#### [What the exercise asks]
Copy exactly the lines of the records below, and only those lines, beginning with the line that contains "#4557 = CARTESIAN_POINT" and ending with the line that contains "#4563 = CARTESIAN_POINT".

Saved entries:
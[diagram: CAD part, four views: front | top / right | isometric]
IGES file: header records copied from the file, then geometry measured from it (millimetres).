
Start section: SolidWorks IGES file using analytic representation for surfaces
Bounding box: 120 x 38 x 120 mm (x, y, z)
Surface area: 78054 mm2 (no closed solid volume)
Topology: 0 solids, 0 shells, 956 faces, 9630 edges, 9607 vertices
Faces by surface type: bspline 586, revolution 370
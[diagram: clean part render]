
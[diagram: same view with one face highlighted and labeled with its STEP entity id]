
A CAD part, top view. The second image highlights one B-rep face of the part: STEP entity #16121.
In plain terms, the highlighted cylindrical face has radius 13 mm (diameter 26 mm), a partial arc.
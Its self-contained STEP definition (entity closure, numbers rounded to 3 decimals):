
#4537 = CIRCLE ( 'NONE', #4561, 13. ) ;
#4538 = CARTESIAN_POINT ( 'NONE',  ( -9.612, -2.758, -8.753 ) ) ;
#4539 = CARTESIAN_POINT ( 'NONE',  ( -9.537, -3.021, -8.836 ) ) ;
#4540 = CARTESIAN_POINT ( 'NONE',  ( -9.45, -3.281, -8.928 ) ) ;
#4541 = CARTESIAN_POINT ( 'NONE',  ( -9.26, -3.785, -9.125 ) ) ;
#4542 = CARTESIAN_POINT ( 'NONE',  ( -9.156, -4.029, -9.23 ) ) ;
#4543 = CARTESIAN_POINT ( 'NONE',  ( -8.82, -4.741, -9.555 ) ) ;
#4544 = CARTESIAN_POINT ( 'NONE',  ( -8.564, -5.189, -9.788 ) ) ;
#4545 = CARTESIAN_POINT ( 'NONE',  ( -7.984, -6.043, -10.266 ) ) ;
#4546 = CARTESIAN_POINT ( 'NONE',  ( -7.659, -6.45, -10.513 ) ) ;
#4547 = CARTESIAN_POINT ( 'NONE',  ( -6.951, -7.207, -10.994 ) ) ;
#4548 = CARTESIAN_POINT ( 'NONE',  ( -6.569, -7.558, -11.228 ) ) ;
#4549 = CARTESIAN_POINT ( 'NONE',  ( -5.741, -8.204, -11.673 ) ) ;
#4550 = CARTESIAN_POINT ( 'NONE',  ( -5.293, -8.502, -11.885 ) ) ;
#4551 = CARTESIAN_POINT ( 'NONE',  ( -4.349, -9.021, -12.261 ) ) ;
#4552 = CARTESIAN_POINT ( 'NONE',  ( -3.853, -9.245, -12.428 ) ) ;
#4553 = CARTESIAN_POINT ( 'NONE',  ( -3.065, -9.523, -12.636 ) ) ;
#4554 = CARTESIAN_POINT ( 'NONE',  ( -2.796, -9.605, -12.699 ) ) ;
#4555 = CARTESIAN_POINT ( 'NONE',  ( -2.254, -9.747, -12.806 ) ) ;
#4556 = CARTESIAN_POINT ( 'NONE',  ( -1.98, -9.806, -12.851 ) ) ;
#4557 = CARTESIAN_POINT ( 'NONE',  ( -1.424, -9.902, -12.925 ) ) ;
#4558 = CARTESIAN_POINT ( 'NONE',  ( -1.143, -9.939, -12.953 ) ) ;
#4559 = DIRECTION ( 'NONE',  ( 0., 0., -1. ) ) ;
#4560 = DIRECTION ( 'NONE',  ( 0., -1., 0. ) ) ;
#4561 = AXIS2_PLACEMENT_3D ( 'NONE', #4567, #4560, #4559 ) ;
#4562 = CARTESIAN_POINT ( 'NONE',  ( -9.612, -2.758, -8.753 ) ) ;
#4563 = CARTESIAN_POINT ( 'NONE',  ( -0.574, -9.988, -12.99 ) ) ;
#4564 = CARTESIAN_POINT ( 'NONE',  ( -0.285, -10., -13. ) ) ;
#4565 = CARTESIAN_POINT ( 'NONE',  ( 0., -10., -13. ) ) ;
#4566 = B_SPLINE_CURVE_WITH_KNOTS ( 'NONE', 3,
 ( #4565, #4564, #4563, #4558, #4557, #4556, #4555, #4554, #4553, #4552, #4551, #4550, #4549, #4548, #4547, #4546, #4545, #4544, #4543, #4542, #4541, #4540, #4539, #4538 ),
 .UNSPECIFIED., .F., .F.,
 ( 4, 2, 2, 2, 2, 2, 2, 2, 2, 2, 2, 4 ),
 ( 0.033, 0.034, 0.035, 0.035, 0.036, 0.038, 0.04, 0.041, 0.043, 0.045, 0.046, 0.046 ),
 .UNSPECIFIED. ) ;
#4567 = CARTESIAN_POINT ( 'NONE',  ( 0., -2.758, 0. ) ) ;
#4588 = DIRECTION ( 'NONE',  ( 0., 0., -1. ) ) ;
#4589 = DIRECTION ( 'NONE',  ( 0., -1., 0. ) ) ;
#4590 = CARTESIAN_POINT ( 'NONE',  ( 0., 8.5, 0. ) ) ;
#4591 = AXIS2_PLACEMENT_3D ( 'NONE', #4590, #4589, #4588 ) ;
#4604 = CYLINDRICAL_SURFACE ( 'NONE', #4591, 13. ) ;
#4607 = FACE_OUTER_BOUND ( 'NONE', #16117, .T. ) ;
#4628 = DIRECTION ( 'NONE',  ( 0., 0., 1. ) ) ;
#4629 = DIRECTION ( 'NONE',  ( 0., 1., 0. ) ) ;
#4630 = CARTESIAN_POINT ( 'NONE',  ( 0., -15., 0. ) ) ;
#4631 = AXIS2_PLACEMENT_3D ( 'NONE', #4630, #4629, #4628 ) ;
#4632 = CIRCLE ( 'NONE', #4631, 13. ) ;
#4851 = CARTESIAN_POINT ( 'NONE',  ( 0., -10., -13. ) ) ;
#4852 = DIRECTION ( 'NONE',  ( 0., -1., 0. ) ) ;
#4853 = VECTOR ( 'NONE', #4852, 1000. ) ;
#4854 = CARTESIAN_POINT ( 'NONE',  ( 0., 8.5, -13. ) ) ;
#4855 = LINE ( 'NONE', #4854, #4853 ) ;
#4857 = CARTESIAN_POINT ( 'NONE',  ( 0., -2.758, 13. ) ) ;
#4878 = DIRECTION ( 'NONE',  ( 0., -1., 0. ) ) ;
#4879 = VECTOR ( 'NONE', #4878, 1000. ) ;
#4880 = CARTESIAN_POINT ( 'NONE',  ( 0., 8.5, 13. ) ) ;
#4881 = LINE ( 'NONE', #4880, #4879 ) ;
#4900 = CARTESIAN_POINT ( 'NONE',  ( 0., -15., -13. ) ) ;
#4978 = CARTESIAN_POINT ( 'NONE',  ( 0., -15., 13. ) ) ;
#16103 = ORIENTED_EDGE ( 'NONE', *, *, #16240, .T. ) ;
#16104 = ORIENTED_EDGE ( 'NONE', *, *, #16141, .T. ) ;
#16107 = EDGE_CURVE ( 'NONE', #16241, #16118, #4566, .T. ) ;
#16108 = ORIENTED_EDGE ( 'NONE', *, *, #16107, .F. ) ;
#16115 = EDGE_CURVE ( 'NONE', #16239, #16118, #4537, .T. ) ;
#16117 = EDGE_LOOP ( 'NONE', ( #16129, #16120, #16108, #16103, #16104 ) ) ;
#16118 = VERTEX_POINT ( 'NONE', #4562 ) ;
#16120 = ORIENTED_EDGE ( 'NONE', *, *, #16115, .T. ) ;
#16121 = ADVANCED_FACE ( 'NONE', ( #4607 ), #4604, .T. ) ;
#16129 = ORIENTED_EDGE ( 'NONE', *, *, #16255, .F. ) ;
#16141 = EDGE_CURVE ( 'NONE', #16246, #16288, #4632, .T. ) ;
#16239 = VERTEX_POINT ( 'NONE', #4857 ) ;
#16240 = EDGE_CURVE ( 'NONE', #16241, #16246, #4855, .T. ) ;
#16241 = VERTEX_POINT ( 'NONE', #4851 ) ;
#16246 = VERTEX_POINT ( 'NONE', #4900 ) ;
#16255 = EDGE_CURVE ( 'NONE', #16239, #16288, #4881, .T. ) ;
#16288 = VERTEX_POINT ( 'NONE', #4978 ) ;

#### [Expected answer]
#4557 = CARTESIAN_POINT ( 'NONE',  ( -1.424, -9.902, -12.925 ) ) ;
#4558 = CARTESIAN_POINT ( 'NONE',  ( -1.143, -9.939, -12.953 ) ) ;
#4559 = DIRECTION ( 'NONE',  ( 0., 0., -1. ) ) ;
#4560 = DIRECTION ( 'NONE',  ( 0., -1., 0. ) ) ;
#4561 = AXIS2_PLACEMENT_3D ( 'NONE', #4567, #4560, #4559 ) ;
#4562 = CARTESIAN_POINT ( 'NONE',  ( -9.612, -2.758, -8.753 ) ) ;
#4563 = CARTESIAN_POINT ( 'NONE',  ( -0.574, -9.988, -12.99 ) ) ;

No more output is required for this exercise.